FOTO: Unggahan Facebook Widodo, petani asal Kabupaten Bantul yang menawarkna gratis hasil panen cabai miliknya kepada siapa pun/Facebook

 

"Jumat pagi saya upload, siangnya dari Yogya dan Gunung Kidul datang rombongan. Ada yang pakai motor dan mobil, tapi harus metik sendiri paling banyak satu kilogram per orang,” ungkap Widodo di ladangnya, Minggu, 17 September 2017.

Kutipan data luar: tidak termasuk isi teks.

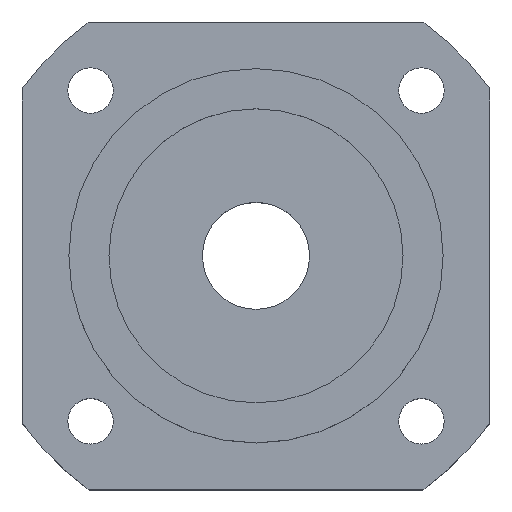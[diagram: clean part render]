
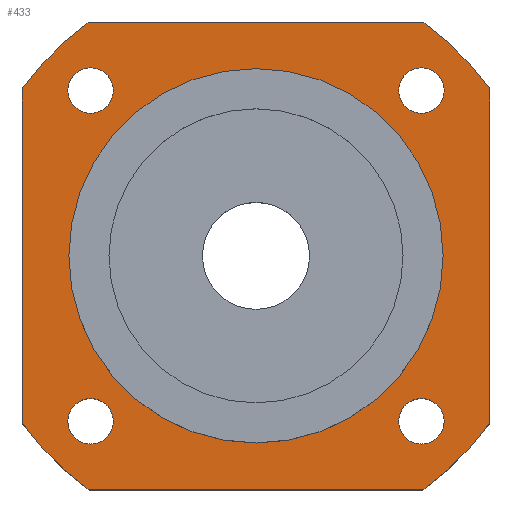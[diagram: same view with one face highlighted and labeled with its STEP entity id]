
A CAD part, top view. The second image highlights one B-rep face of the part: STEP entity #433.
In plain terms, the highlighted planar face has unit normal (0, 0, 1).
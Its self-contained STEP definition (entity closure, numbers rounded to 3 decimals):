
#16=LINE($,#720,#32);
#20=LINE($,#732,#36);
#24=LINE($,#744,#40);
#28=LINE($,#754,#44);
#32=VECTOR($,#598,24.98);
#36=VECTOR($,#610,24.98);
#40=VECTOR($,#622,24.98);
#44=VECTOR($,#634,24.98);
#56=PLANE($,#497);
#80=FACE_BOUND($,#162,.T.);
#81=FACE_BOUND($,#163,.T.);
#82=FACE_BOUND($,#164,.T.);
#83=FACE_BOUND($,#165,.T.);
#84=FACE_BOUND($,#166,.T.);
#85=FACE_BOUND($,#167,.T.);
#162=EDGE_LOOP($,(#364));
#163=EDGE_LOOP($,(#365));
#164=EDGE_LOOP($,(#366));
#165=EDGE_LOOP($,(#367));
#166=EDGE_LOOP($,(#368));
#167=EDGE_LOOP($,(#369,#370,#371,#372,#373,#374,#375,#376));
#183=CIRCLE($,#455,1.7);
#187=CIRCLE($,#462,1.7);
#191=CIRCLE($,#469,1.7);
#195=CIRCLE($,#476,1.7);
#197=CIRCLE($,#479,14.);
#199=CIRCLE($,#483,21.5);
#201=CIRCLE($,#487,21.5);
#203=CIRCLE($,#491,21.5);
#205=CIRCLE($,#495,21.5);
#215=VERTEX_POINT($,#666);
#219=VERTEX_POINT($,#677);
#223=VERTEX_POINT($,#688);
#227=VERTEX_POINT($,#699);
#229=VERTEX_POINT($,#704);
#232=VERTEX_POINT($,#711);
#233=VERTEX_POINT($,#713);
#235=VERTEX_POINT($,#719);
#237=VERTEX_POINT($,#725);
#239=VERTEX_POINT($,#731);
#241=VERTEX_POINT($,#737);
#243=VERTEX_POINT($,#743);
#245=VERTEX_POINT($,#749);
#255=EDGE_CURVE($,#215,#215,#183,.T.);
#259=EDGE_CURVE($,#219,#219,#187,.T.);
#263=EDGE_CURVE($,#223,#223,#191,.T.);
#267=EDGE_CURVE($,#227,#227,#195,.T.);
#269=EDGE_CURVE($,#229,#229,#197,.T.);
#272=EDGE_CURVE($,#233,#232,#199,.T.);
#275=EDGE_CURVE($,#235,#233,#16,.T.);
#278=EDGE_CURVE($,#237,#235,#201,.T.);
#281=EDGE_CURVE($,#239,#237,#20,.T.);
#284=EDGE_CURVE($,#241,#239,#203,.T.);
#287=EDGE_CURVE($,#243,#241,#24,.T.);
#290=EDGE_CURVE($,#245,#243,#205,.T.);
#293=EDGE_CURVE($,#232,#245,#28,.T.);
#364=ORIENTED_EDGE($,*,*,#255,.T.);
#365=ORIENTED_EDGE($,*,*,#259,.T.);
#366=ORIENTED_EDGE($,*,*,#263,.T.);
#367=ORIENTED_EDGE($,*,*,#267,.T.);
#368=ORIENTED_EDGE($,*,*,#269,.T.);
#369=ORIENTED_EDGE($,*,*,#293,.T.);
#370=ORIENTED_EDGE($,*,*,#290,.T.);
#371=ORIENTED_EDGE($,*,*,#287,.T.);
#372=ORIENTED_EDGE($,*,*,#284,.T.);
#373=ORIENTED_EDGE($,*,*,#281,.T.);
#374=ORIENTED_EDGE($,*,*,#278,.T.);
#375=ORIENTED_EDGE($,*,*,#275,.T.);
#376=ORIENTED_EDGE($,*,*,#272,.T.);
#433=ADVANCED_FACE($,(#80,#81,#82,#83,#84,#85),#56,.T.);
#455=AXIS2_PLACEMENT_3D($,#667,#535,#536);
#462=AXIS2_PLACEMENT_3D($,#678,#549,#550);
#469=AXIS2_PLACEMENT_3D($,#689,#563,#564);
#476=AXIS2_PLACEMENT_3D($,#700,#577,#578);
#479=AXIS2_PLACEMENT_3D($,#705,#583,#584);
#483=AXIS2_PLACEMENT_3D($,#714,#592,#593);
#487=AXIS2_PLACEMENT_3D($,#726,#604,#605);
#491=AXIS2_PLACEMENT_3D($,#738,#616,#617);
#495=AXIS2_PLACEMENT_3D($,#750,#628,#629);
#497=AXIS2_PLACEMENT_3D($,#755,#635,#636);
#535=DIRECTION('center_axis',(0.,0.,-1.));
#536=DIRECTION('ref_axis',(-1.,0.,0.));
#549=DIRECTION('center_axis',(0.,0.,-1.));
#550=DIRECTION('ref_axis',(-1.,0.,0.));
#563=DIRECTION('center_axis',(0.,0.,-1.));
#564=DIRECTION('ref_axis',(-1.,0.,0.));
#577=DIRECTION('center_axis',(0.,0.,-1.));
#578=DIRECTION('ref_axis',(-1.,0.,0.));
#583=DIRECTION('center_axis',(0.,0.,-1.));
#584=DIRECTION('ref_axis',(-1.,0.,0.));
#592=DIRECTION('center_axis',(0.,0.,1.));
#593=DIRECTION('ref_axis',(-0.581,0.814,0.));
#598=DIRECTION($,(-1.,0.,0.));
#604=DIRECTION('center_axis',(0.,0.,1.));
#605=DIRECTION('ref_axis',(0.814,0.581,0.));
#610=DIRECTION($,(0.,1.,0.));
#616=DIRECTION('center_axis',(0.,0.,1.));
#617=DIRECTION('ref_axis',(0.581,-0.814,0.));
#622=DIRECTION($,(1.,0.,0.));
#628=DIRECTION('center_axis',(0.,0.,1.));
#629=DIRECTION('ref_axis',(-0.814,-0.581,0.));
#634=DIRECTION($,(0.,-1.,0.));
#635=DIRECTION('center_axis',(0.,0.,1.));
#636=DIRECTION('ref_axis',(1.,0.,0.));
#666=CARTESIAN_POINT('',(-10.674,-12.374,7.));
#667=CARTESIAN_POINT('Origin',(-12.374,-12.374,7.));
#677=CARTESIAN_POINT('',(14.074,12.374,7.));
#678=CARTESIAN_POINT('Origin',(12.374,12.374,7.));
#688=CARTESIAN_POINT('',(14.074,-12.374,7.));
#689=CARTESIAN_POINT('Origin',(12.374,-12.374,7.));
#699=CARTESIAN_POINT('',(-10.674,12.374,7.));
#700=CARTESIAN_POINT('Origin',(-12.374,12.374,7.));
#704=CARTESIAN_POINT('',(14.,0.,7.));
#705=CARTESIAN_POINT('Origin',(0.,0.,7.));
#711=CARTESIAN_POINT('',(-17.5,12.49,7.));
#713=CARTESIAN_POINT('',(-12.49,17.5,7.));
#714=CARTESIAN_POINT('Origin',(0.,0.,7.));
#719=CARTESIAN_POINT('',(12.49,17.5,7.));
#720=CARTESIAN_POINT($,(12.49,17.5,7.));
#725=CARTESIAN_POINT('',(17.5,12.49,7.));
#726=CARTESIAN_POINT('Origin',(0.,0.,7.));
#731=CARTESIAN_POINT('',(17.5,-12.49,7.));
#732=CARTESIAN_POINT($,(17.5,-12.49,7.));
#737=CARTESIAN_POINT('',(12.49,-17.5,7.));
#738=CARTESIAN_POINT('Origin',(0.,0.,7.));
#743=CARTESIAN_POINT('',(-12.49,-17.5,7.));
#744=CARTESIAN_POINT($,(-12.49,-17.5,7.));
#749=CARTESIAN_POINT('',(-17.5,-12.49,7.));
#750=CARTESIAN_POINT('Origin',(0.,0.,7.));
#754=CARTESIAN_POINT($,(-17.5,12.49,7.));
#755=CARTESIAN_POINT('Origin',(0.,0.,
7.));

Widodo mengungkapkan alasannya menggratiskan cabai di lahan yang berada tidak jauh dari bantaran Sungai Opak tersebut. Menurutnya, akibat anjloknya harga cabai akhir-akhir ini kerugian yang dialaminya akan semakin besar jika nekat memanen dan menjualnya ke pasaran.

Pria 25 tahun ini mengatakan untuk memanen cabai tersebut membutuhkan tenaga panen dua orang per hari dengan hasil panen sekitar 20 kilogram cabai. Dengan harga jual dari petani yang hanya Rp4.500 per kilogram, dipastikan bukan untung, namun Widodo malah akan menanggung kerugian.

Baca Juga:

"Dulu modal tanam sekitar Rp2,5 juta, tapi daripada tambah rugi saya ikhlaskan dipetik sendiri sama warga mungkin lebih bermanfaat," terangnya.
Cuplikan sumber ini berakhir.